Exercise:
Return every line of the records, exact and in full, until you have returned the line with "from ifc_helpers import", and include none of the pictures.

Stored items:
________________________________________

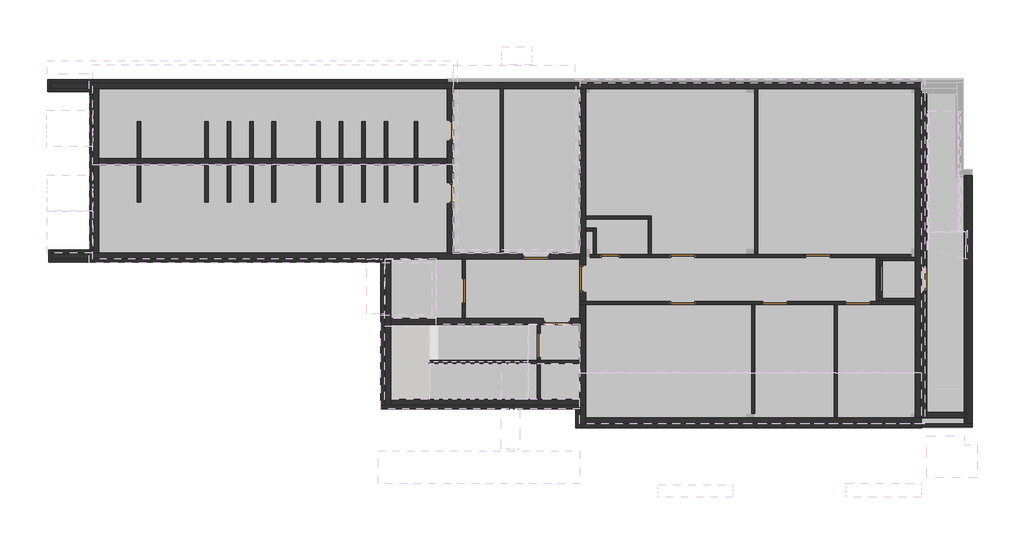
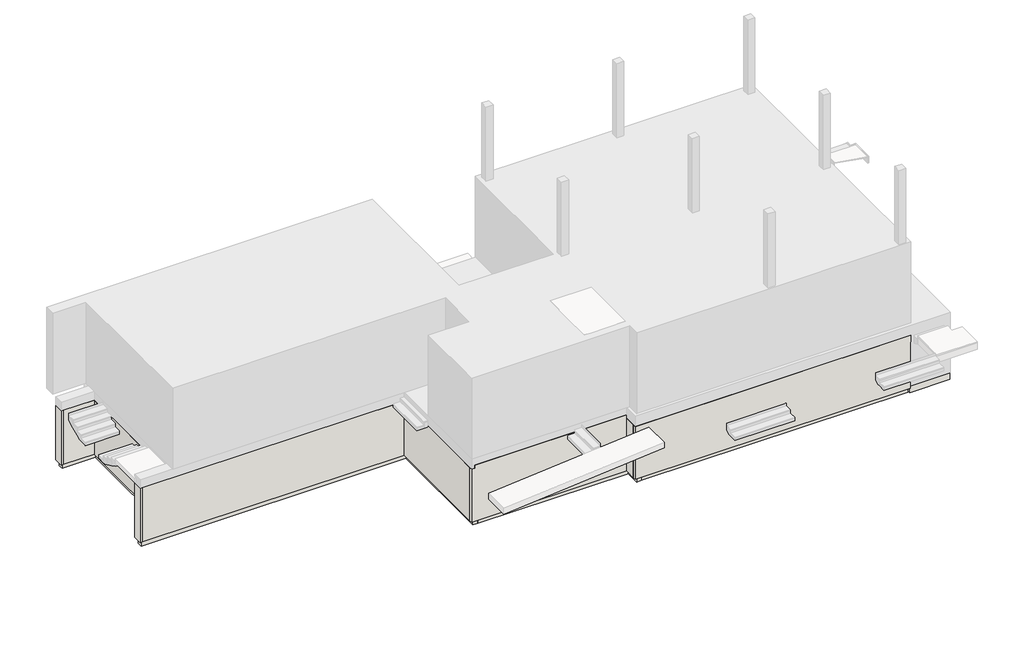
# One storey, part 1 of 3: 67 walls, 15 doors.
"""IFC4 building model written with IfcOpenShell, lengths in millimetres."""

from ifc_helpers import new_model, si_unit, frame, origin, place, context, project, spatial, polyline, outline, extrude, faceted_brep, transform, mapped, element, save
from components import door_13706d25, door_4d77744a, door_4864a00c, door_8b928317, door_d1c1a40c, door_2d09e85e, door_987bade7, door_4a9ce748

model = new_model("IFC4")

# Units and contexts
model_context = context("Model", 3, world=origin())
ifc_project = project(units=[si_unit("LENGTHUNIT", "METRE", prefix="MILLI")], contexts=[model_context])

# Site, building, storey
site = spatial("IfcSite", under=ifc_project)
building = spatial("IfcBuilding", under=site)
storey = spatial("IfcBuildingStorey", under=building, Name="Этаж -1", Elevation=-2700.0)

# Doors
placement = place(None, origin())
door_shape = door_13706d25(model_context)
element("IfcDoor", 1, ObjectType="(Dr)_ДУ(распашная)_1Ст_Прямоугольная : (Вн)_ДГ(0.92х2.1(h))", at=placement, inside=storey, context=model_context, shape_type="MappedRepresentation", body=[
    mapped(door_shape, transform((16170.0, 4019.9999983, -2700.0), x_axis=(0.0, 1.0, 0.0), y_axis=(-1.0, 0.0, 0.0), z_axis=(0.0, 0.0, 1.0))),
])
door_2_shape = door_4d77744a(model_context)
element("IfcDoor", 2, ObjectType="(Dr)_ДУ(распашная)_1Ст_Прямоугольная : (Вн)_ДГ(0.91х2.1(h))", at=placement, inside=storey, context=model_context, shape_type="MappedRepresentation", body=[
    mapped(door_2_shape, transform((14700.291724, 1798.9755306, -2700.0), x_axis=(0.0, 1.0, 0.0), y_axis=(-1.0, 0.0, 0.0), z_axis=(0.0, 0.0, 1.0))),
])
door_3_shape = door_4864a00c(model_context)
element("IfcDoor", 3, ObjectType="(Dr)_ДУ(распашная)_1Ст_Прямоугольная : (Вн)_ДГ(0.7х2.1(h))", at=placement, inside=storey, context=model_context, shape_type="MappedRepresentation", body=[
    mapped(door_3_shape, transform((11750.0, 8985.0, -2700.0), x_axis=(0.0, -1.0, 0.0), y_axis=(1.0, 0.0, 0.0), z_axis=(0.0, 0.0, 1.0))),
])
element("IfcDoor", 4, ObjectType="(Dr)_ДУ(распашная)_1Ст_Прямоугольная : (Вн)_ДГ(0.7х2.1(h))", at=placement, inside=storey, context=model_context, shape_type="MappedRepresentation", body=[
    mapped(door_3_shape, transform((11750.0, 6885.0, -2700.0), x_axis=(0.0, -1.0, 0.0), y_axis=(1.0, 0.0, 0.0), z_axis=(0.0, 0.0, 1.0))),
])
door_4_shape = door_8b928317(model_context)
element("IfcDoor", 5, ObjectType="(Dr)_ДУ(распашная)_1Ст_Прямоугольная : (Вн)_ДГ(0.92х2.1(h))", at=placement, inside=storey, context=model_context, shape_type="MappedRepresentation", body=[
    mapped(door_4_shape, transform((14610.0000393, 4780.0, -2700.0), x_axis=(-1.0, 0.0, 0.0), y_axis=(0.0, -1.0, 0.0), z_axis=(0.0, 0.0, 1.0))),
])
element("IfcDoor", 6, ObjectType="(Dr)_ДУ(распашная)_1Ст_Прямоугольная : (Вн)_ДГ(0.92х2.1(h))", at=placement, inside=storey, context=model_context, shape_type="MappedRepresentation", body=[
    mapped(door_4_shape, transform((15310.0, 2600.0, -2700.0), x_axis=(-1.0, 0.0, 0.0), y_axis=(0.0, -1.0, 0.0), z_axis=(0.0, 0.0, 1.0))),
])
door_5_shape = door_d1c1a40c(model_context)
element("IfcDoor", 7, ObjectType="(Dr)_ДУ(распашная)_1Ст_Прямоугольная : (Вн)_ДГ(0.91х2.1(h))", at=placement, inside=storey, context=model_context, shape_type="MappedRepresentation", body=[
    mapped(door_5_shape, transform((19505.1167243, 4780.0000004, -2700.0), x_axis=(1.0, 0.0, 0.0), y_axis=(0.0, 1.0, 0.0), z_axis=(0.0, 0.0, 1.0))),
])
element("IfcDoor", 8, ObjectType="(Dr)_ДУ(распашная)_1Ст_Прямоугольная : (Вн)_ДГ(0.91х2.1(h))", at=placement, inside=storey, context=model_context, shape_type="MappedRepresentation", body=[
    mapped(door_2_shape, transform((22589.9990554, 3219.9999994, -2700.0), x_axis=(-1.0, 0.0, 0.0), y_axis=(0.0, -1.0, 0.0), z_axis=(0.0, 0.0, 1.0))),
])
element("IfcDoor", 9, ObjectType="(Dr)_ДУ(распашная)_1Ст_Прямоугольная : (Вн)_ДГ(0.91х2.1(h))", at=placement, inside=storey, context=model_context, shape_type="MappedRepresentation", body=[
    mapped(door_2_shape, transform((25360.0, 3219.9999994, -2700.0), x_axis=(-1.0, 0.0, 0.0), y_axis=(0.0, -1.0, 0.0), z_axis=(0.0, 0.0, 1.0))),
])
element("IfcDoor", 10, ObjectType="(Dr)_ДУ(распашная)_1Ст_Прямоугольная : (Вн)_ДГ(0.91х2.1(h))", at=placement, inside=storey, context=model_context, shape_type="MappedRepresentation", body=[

________________________________________

Answer box:
# One storey, part 1 of 3: 67 walls, 15 doors.
"""IFC4 building model written with IfcOpenShell, lengths in millimetres."""

from ifc_helpers import new_model, si_unit, frame, origin, place, context, project, spatial, polyline, outline, extrude, faceted_brep, transform, mapped, element, save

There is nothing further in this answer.